A strange thing to think.
"I must be going crazy," he'd said and sat up in bed, laughing haggardly. Dahlia had rolled over, asked him what he was laughing about. Then Michael was pounding on the front door and next thing Job knew he was lying on the foyer floor holding his bleeding lip and choking on the fragments of his cracked teeth. After that, after everything, what was left but the river?
He'd dressed, avoiding Dahlia, but she had caught him in the den shoving his Smith & Wesson down the front of his khaki shorts. She had regarded him, not with compassion or concern, but with a look of shrewd self-preservation.
"I'm going with you, Job. You shouldn't be alone today," she'd said.
"Yeah, it'd be a shame if something happened to me and you had to go back to waiting tables at Steak 'N' Shake, wouldn't it?" he'd snapped.
But it didn't matter. Dahlia was just protecting her ass and he hated to admit, least of all in that moment, what a fine little ass it was.
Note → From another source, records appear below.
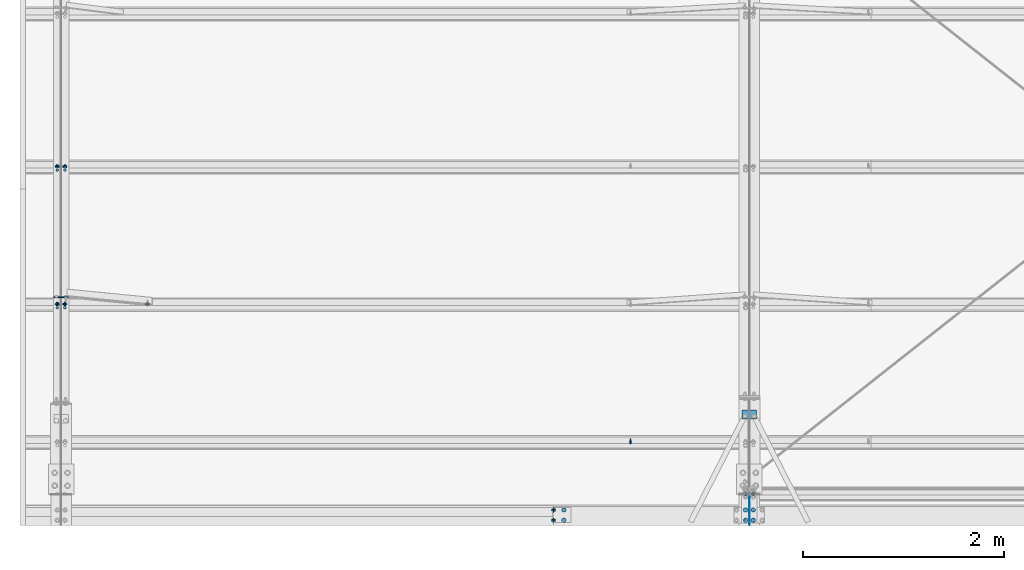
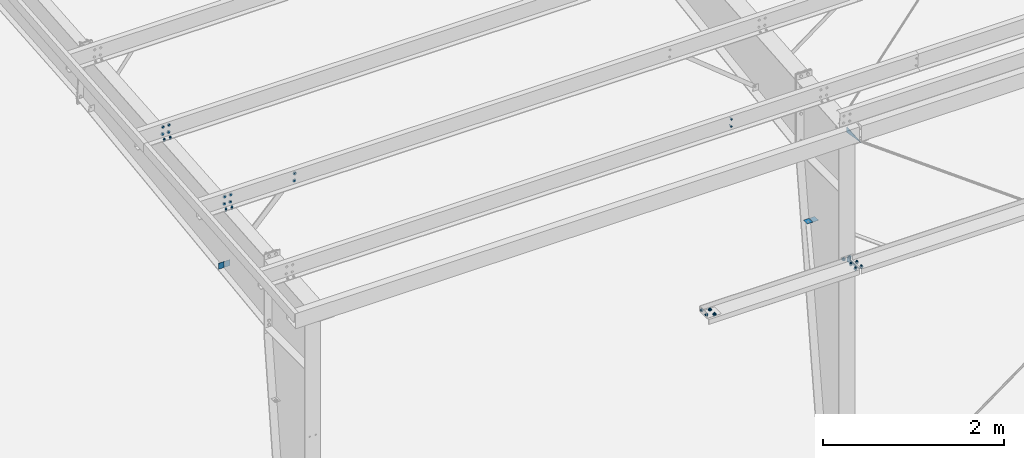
# One storey, part 62 of 185: 13 mechanical fasteners, 6 discrete accessories, 7 elements without a shape of their own.
"""IFC2X3 building model written with IfcOpenShell, lengths in millimetres."""

from ifc_helpers import new_model, si_unit, frame, frame_2d, origin_with_axes, origin_2d_with_axis, place, context, subcontext, project, spatial, polyline, circle_curve, parameter, trimmed, segment, composite_curve, rectangle, circle, outline, extrude, source, transform, mapped, material, type_object, element, aggregate, save


model = new_model("IFC2X3")

# Units and contexts
model_context = context("Model", 3, precision=1e-05, world=origin_with_axes())
body_context = subcontext(model_context, "Body", "Model", "MODEL_VIEW")
ifc_project = project(units=[si_unit("LENGTHUNIT", "METRE", prefix="MILLI"), si_unit("AREAUNIT", "SQUARE_METRE"), si_unit("VOLUMEUNIT", "CUBIC_METRE"), si_unit("MASSUNIT", "GRAM", prefix="KILO"), si_unit("TIMEUNIT", "SECOND"), si_unit("PLANEANGLEUNIT", "RADIAN"), si_unit("SOLIDANGLEUNIT", "STERADIAN"), si_unit("THERMODYNAMICTEMPERATUREUNIT", "DEGREE_CELSIUS"), si_unit("LUMINOUSINTENSITYUNIT", "LUMEN")], contexts=[model_context])

# Site, building, storey
site_placement = place(None, origin_with_axes())
site = spatial("IfcSite", under=ifc_project, at=site_placement, Name="Undefined", CompositionType="ELEMENT")
building_placement = place(site_placement, origin_with_axes())
building = spatial("IfcBuilding", under=site, at=building_placement, Name="Undefined", CompositionType="ELEMENT")
storey_placement = place(building_placement, origin_with_axes())
storey = spatial("IfcBuildingStorey", under=building, at=storey_placement, Name="Undefined", CompositionType="ELEMENT", Elevation=0.0)

# Assembly, mechanical fastener
assembly_1_placement = place(storey_placement, origin_with_axes())
assembly_1 = element("IfcElementAssembly", 1, at=assembly_1_placement, inside=storey, Name="Steel Assembly", AssemblyPlace="NOTDEFINED", PredefinedType="RIGID_FRAME")
ifc_material_1 = material(Name="Undefined")
discrete_accessory_type_1 = type_object("IfcDiscreteAccessoryType", Name="Bolt assembly")
shared_shape_1 = source(origin_with_axes(), body_context, "Body", "SweptSolid", [
    extrude(circle(Radius=7.14374971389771, at=origin_2d_with_axis()), frame((0.0, -1.59000001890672, 0.0), z_axis=(0.0, 1.0, 0.0), x_axis=(1.0, 0.0, 0.0)), (0.0, 0.0, 1.0), 3.3),
    extrude(circle(Radius=13.4937496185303, at=origin_2d_with_axis()), frame((0.0, -5.5587500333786, 0.0), z_axis=(0.0, 1.0, 0.0), x_axis=(1.0, 0.0, 0.0)), (0.0, 0.0, 1.0), 4.0),
    extrude(circle(Radius=22.2250003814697, at=origin_2d_with_axis()), frame((0.0, 1.5900000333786, 0.0), z_axis=(0.0, 1.0, 0.0), x_axis=(1.0, 0.0, 0.0)), (0.0, 0.0, 1.0), 7.9),
    extrude(outline(polyline([(12.8316099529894, 0.0), (6.4158049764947, 11.1125001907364), (-6.4158049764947, 11.1125001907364), (-12.8316099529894, 0.0), (-6.4158049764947, -11.1125001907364), (6.4158049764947, -11.1125001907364), (12.8316099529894, 0.0)])), frame((0.0, 9.5275000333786, 0.0), z_axis=(0.0, 1.0, 0.0), x_axis=(1.0, 0.0, 0.0)), (0.0, 0.0, 1.0), 12.3),
])
mechanical_fastener_1_placement = place(assembly_1_placement, frame((1263.65, 2185.72394128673, 6227.16757842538), z_axis=(1.0, 0.0, 0.0), x_axis=(0.0, 0.0830454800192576, -0.996545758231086)))
mechanical_fastener_1 = element("IfcMechanicalFastener", 2, at=mechanical_fastener_1_placement, type_object=discrete_accessory_type_1, material=ifc_material_1, Name="Bolt assembly", NominalDiameter=12.6999998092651, NominalLength=38.0999984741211, context=body_context, shape_type="MappedRepresentation", body=[
    mapped(shared_shape_1, transform((0.0, 0.0, 0.0))),
    mapped(shared_shape_1, transform((101.599998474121, 0.0, 0.0))),
])

# Assembly, mechanical fasteners
assembly_2_placement = place(storey_placement, origin_with_axes())
assembly_2 = element("IfcElementAssembly", 3, at=assembly_2_placement, inside=storey, Name="Steel Assembly", AssemblyPlace="NOTDEFINED", PredefinedType="RIGID_FRAME")
mechanical_fastener_2_placement = place(assembly_2_placement, frame((368.300000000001, 3552.58610327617, 6341.0727588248), z_axis=(1.0, 0.0, 0.0), x_axis=(0.0, 0.0830454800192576, -0.996545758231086)))
mechanical_fastener_2 = element("IfcMechanicalFastener", 4, at=mechanical_fastener_2_placement, type_object=discrete_accessory_type_1, material=ifc_material_1, Name="Bolt assembly", NominalDiameter=12.6999998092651, NominalLength=38.0999984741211, context=body_context, shape_type="MappedRepresentation", body=[
    mapped(shared_shape_1, transform((0.0, 0.0, 0.0))),
    mapped(shared_shape_1, transform((101.599998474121, 0.0, 0.0))),
])
mechanical_fastener_3_placement = place(assembly_2_placement, frame((444.500000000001, 3552.58610327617, 6341.0727588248), z_axis=(1.0, 0.0, 0.0), x_axis=(0.0, 0.0830454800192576, -0.996545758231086)))
mechanical_fastener_3 = element("IfcMechanicalFastener", 5, at=mechanical_fastener_3_placement, type_object=discrete_accessory_type_1, material=ifc_material_1, Name="Bolt assembly", NominalDiameter=12.6999998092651, NominalLength=38.0999984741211, context=body_context, shape_type="MappedRepresentation", body=[
    mapped(shared_shape_1, transform((0.0, 0.0, 0.0))),
    mapped(shared_shape_1, transform((101.599998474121, 0.0, 0.0))),
])

# Mechanical fastener
mechanical_fastener_4_placement = place(assembly_1_placement, frame((368.300000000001, 2185.72394128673, 6227.16757842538), z_axis=(1.0, 0.0, 0.0), x_axis=(0.0, 0.0830454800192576, -0.996545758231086)))
mechanical_fastener_4 = element("IfcMechanicalFastener", 6, at=mechanical_fastener_4_placement, type_object=discrete_accessory_type_1, material=ifc_material_1, Name="Bolt assembly", NominalDiameter=12.6999998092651, NominalLength=38.0999984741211, context=body_context, shape_type="MappedRepresentation", body=[
    mapped(shared_shape_1, transform((0.0, 0.0, 0.0))),
    mapped(shared_shape_1, transform((101.599998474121, 0.0, 0.0))),
])

mechanical_fastener_5_placement = place(assembly_1_placement, frame((444.500000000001, 2185.72394128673, 6227.16757842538), z_axis=(1.0, 0.0, 0.0), x_axis=(0.0, 0.0830454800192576, -0.996545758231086)))
mechanical_fastener_5 = element("IfcMechanicalFastener", 7, at=mechanical_fastener_5_placement, type_object=discrete_accessory_type_1, material=ifc_material_1, Name="Bolt assembly", NominalDiameter=12.6999998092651, NominalLength=38.0999984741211, context=body_context, shape_type="MappedRepresentation", body=[
    mapped(shared_shape_1, transform((0.0, 0.0, 0.0))),
    mapped(shared_shape_1, transform((101.599998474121, 0.0, 0.0))),
])

# Assembly, mechanical fasteners
assembly_3_placement = place(storey_placement, origin_with_axes())
assembly_3 = element("IfcElementAssembly", 8, at=assembly_3_placement, inside=storey, Name="Steel Assembly", AssemblyPlace="NOTDEFINED", PredefinedType="RIGID_FRAME")
shared_shape_2 = source(origin_with_axes(), body_context, "Body", "SweptSolid", [
    extrude(circle(Radius=7.14374971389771, at=origin_2d_with_axis()), frame((0.0, 0.0, 0.0), z_axis=(0.0, 1.0, 0.0), x_axis=(1.0, 0.0, 0.0)), (0.0, 0.0, 1.0), 3.3),
    extrude(outline(polyline([(10.9985221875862, 0.0), (5.4992610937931, 9.52499961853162), (-5.4992610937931, 9.52499961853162), (-10.9985221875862, 0.0), (-5.4992610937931, -9.52499961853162), (5.4992610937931, -9.52499961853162), (10.9985221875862, 0.0)])), frame((0.0, -7.93749389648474, 0.0), z_axis=(0.0, 1.0, 0.0), x_axis=(1.0, 0.0, 0.0)), (0.0, 0.0, 1.0), 7.9),
    extrude(circle(Radius=6.34999990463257, at=origin_2d_with_axis()), frame((0.0, 0.0, 0.0), z_axis=(0.0, 1.0, 0.0), x_axis=(1.0, 0.0, 0.0)), (0.0, 0.0, 1.0), 25.4),
    extrude(circle(Radius=22.2250003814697, at=origin_2d_with_axis()), frame((0.0, 3.17500610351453, 0.0), z_axis=(0.0, 1.0, 0.0), x_axis=(1.0, 0.0, 0.0)), (0.0, 0.0, 1.0), 7.9),
    extrude(outline(polyline([(12.8316099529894, 0.0), (6.4158049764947, 11.1125001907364), (-6.4158049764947, 11.1125001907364), (-12.8316099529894, 0.0), (-6.4158049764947, -11.1125001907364), (6.4158049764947, -11.1125001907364), (12.8316099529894, 0.0)])), frame((0.0, 11.1125061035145, 0.0), z_axis=(0.0, 1.0, 0.0), x_axis=(1.0, 0.0, 0.0)), (0.0, 0.0, 1.0), 12.3),
])
mechanical_fastener_6_placement = place(assembly_3_placement, frame((5286.38000030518, 101.6, 4203.69999835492), z_axis=(0.0, 1.0, 0.0), x_axis=(0.0, 0.0, 1.0)))
mechanical_fastener_6 = element("IfcMechanicalFastener", 9, at=mechanical_fastener_6_placement, type_object=discrete_accessory_type_1, material=ifc_material_1, Name="Bolt assembly", NominalDiameter=12.6999998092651, NominalLength=25.3999996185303, context=body_context, shape_type="MappedRepresentation", body=[
    mapped(shared_shape_2, transform((0.0, 0.0, -50.7999992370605))),
    mapped(shared_shape_2, transform((0.0, 0.0, 50.7999992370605))),
])
shared_shape_3 = source(origin_with_axes(), body_context, "Body", "SweptSolid", [
    extrude(circle(Radius=7.14374971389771, at=origin_2d_with_axis()), frame((0.0, -3.08000006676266, 0.0), z_axis=(0.0, 1.0, 0.0), x_axis=(1.0, 0.0, 0.0)), (0.0, 0.0, 1.0), 3.2),
    extrude(circle(Radius=7.14374971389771, at=origin_2d_with_axis()), frame((0.0, -0.1, 0.0), z_axis=(0.0, 1.0, 0.0), x_axis=(1.0, 0.0, 0.0)), (0.0, 0.0, 1.0), 3.3),
    extrude(outline(polyline([(10.9985221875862, 0.0), (5.4992610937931, 9.52499961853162), (-5.4992610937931, 9.52499961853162), (-10.9985221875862, 0.0), (-5.4992610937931, -9.52499961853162), (5.4992610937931, -9.52499961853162), (10.9985221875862, 0.0)])), frame((0.0, -16.6737496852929, 0.0), z_axis=(0.0, 1.0, 0.0), x_axis=(1.0, 0.0, 0.0)), (0.0, 0.0, 1.0), 9.5),
    extrude(circle(Radius=6.34999990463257, at=origin_2d_with_axis()), frame((0.0, -7.14875006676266, 0.0), z_axis=(0.0, 1.0, 0.0), x_axis=(1.0, 0.0, 0.0)), (0.0, 0.0, 1.0), 38.1),
    extrude(circle(Radius=13.4937496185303, at=origin_2d_with_axis()), frame((0.0, -7.14875006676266, 0.0), z_axis=(0.0, 1.0, 0.0), x_axis=(1.0, 0.0, 0.0)), (0.0, 0.0, 1.0), 4.0),
    extrude(circle(Radius=22.2250003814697, at=origin_2d_with_axis()), frame((0.0, 3.17500610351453, 0.0), z_axis=(0.0, 1.0, 0.0), x_axis=(1.0, 0.0, 0.0)), (0.0, 0.0, 1.0), 7.9),
    extrude(outline(polyline([(12.8316099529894, 0.0), (6.4158049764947, 11.1125001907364), (-6.4158049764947, 11.1125001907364), (-12.8316099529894, 0.0), (-6.4158049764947, -11.1125001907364), (6.4158049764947, -11.1125001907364), (12.8316099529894, 0.0)])), frame((0.0, 11.1125061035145, 0.0), z_axis=(0.0, 1.0, 0.0), x_axis=(1.0, 0.0, 0.0)), (0.0, 0.0, 1.0), 12.3),
])
mechanical_fastener_7_placement = place(assembly_3_placement, frame((5397.5, 101.6, 4167.19000003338), z_axis=(0.0, -1.0, 0.0), x_axis=(1.0, 0.0, 0.0)))
mechanical_fastener_7 = element("IfcMechanicalFastener", 10, at=mechanical_fastener_7_placement, type_object=discrete_accessory_type_1, material=ifc_material_1, Name="Bolt assembly", NominalDiameter=12.6999998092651, NominalLength=38.0999984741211, context=body_context, shape_type="MappedRepresentation", body=[
    mapped(shared_shape_3, transform((0.0, 0.0, -50.7999992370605))),
    mapped(shared_shape_3, transform((0.0, 0.0, 50.7999992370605))),
])
aggregate(assembly_3, [mechanical_fastener_6, mechanical_fastener_7])

# Assembly, discrete accessories
assembly_4_placement = place(storey_placement, origin_with_axes())
assembly_4 = element("IfcElementAssembly", 11, at=assembly_4_placement, inside=storey, Name="Steel Assembly", AssemblyPlace="NOTDEFINED", PredefinedType="RIGID_FRAME")
ifc_material_2 = material(Name="STEEL/55")
discrete_accessory_type_2 = type_object("IfcDiscreteAccessoryType", Name="FLANGE BRACE FLIP")
discrete_accessory_1_placement = place(assembly_4_placement, frame((7236.61875, 1100.12169218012, 4163.4569751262), z_axis=(0.0, -1.0, 0.0), x_axis=(-1.0, 0.0, 0.0)))
discrete_accessory_1 = element("IfcDiscreteAccessory", 12, at=discrete_accessory_1_placement, type_object=discrete_accessory_type_2, material=ifc_material_2, Name="FLANGE BRACE FLIP", ObjectType="PL1/8\"X2 3/4\"", context=body_context, shape_type="SweptSolid", body=[
    extrude(rectangle(XDim=3.416, YDim=85.725, at=origin_2d_with_axis()), frame((69.8499999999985, 0.0, 0.0), z_axis=(-1.0, 0.0, 0.0), x_axis=(0.0, -1.0, 0.0)), (0.0, 0.0, 1.0), 69.9),
])
discrete_accessory_2_placement = place(assembly_4_placement, frame((7241.38125, 1100.12169218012, 4163.4569751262), z_axis=(0.0, -1.0, 0.0), x_axis=(1.0, 0.0, 0.0)))
discrete_accessory_2 = element("IfcDiscreteAccessory", 13, at=discrete_accessory_2_placement, type_object=discrete_accessory_type_2, material=ifc_material_2, Name="FLANGE BRACE FLIP", ObjectType="PL1/8\"X2 3/4\"", context=body_context, shape_type="SweptSolid", body=[
    extrude(rectangle(XDim=3.416, YDim=85.725, at=origin_2d_with_axis()), frame((69.8499999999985, 0.0, 0.0), z_axis=(-1.0, 0.0, 0.0), x_axis=(0.0, -1.0, 0.0)), (0.0, 0.0, 1.0), 69.9),
])

assembly_5_placement = place(storey_placement, origin_with_axes())
assembly_5 = element("IfcElementAssembly", 14, at=assembly_5_placement, inside=storey, Name="Steel Assembly", AssemblyPlace="NOTDEFINED", PredefinedType="RIGID_FRAME")
discrete_accessory_3_placement = place(assembly_5_placement, frame((408.781250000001, 2265.30818781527, 5251.58957642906), z_axis=(0.0, -0.0830454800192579, 0.996545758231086), x_axis=(1.0, 0.0, 0.0)))
discrete_accessory_3 = element("IfcDiscreteAccessory", 15, at=discrete_accessory_3_placement, type_object=discrete_accessory_type_2, material=ifc_material_2, Name="FLANGE BRACE FLIP", ObjectType="PL1/8\"X2 3/4\"", context=body_context, shape_type="SweptSolid", body=[
    extrude(rectangle(XDim=3.416, YDim=85.725, at=origin_2d_with_axis()), frame((69.8499999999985, 0.0, 0.0), z_axis=(-1.0, 0.0, 0.0), x_axis=(0.0, -1.0, 0.0)), (0.0, 0.0, 1.0), 69.9),
])
discrete_accessory_4_placement = place(assembly_5_placement, frame((404.018750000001, 2265.30818781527, 5251.58957642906), z_axis=(0.0, -0.0830454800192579, 0.996545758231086), x_axis=(-1.0, 0.0, 0.0)))
discrete_accessory_4 = element("IfcDiscreteAccessory", 16, at=discrete_accessory_4_placement, type_object=discrete_accessory_type_2, material=ifc_material_2, Name="FLANGE BRACE FLIP", ObjectType="PL1/8\"X2 3/4\"", context=body_context, shape_type="SweptSolid", body=[
    extrude(rectangle(XDim=3.416, YDim=85.725, at=origin_2d_with_axis()), frame((69.8499999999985, 0.0, 0.0), z_axis=(-1.0, 0.0, 0.0), x_axis=(0.0, -1.0, 0.0)), (0.0, 0.0, 1.0), 69.9),
])
aggregate(assembly_5, [discrete_accessory_3, discrete_accessory_4])

# Assembly, discrete accessory, mechanical fastener
assembly_6_placement = place(storey_placement, origin_with_axes())
assembly_6 = element("IfcElementAssembly", 17, at=assembly_6_placement, inside=storey, Name="Steel Assembly", AssemblyPlace="NOTDEFINED", PredefinedType="RIGID_FRAME")
discrete_accessory_type_3 = type_object("IfcDiscreteAccessoryType", Name="Gusett")
discrete_accessory_5_placement = place(assembly_6_placement, frame((7239.0, 298.449999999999, 4089.4), z_axis=(1.0, 0.0, 0.0), x_axis=(0.0, 0.0, 1.0)))
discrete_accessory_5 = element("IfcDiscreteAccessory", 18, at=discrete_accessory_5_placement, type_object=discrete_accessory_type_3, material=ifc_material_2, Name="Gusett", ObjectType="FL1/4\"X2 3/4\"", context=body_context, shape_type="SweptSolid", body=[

Lust and self-disgust were a bitter pairing.
They had spent most of the day in silence.
Near sunset, he reeled the bass onto the deck.
"Goddamnit, Job, could you stop rocking the boat?" Dahlia drawled.
In her tiny black thong bikini, Dahlia was all legs and tits, golden skin, and platinum blonde hair. Twenty-three years old, Job thought and shook his head. More than half my age—younger than Michael, a year younger than Joe, Job's youngest son—but good-God-Almighty the girl fucks like a machine.
He hadn't wanted to trade Ali for Dahlia. He'd wanted his proverbial cake and wanted to eat it too. But he hadn't just wanted to eat it, he wanted to slow-tongue every last bit of sickly-sweet icing from it in a series of long, emotionless acts of unveiled and unrestrained lust. He had wanted this for no other reason than that it made him feel young; a feeling better than the act itself; better than any drug. He hated himself for it, but it didn't change anything.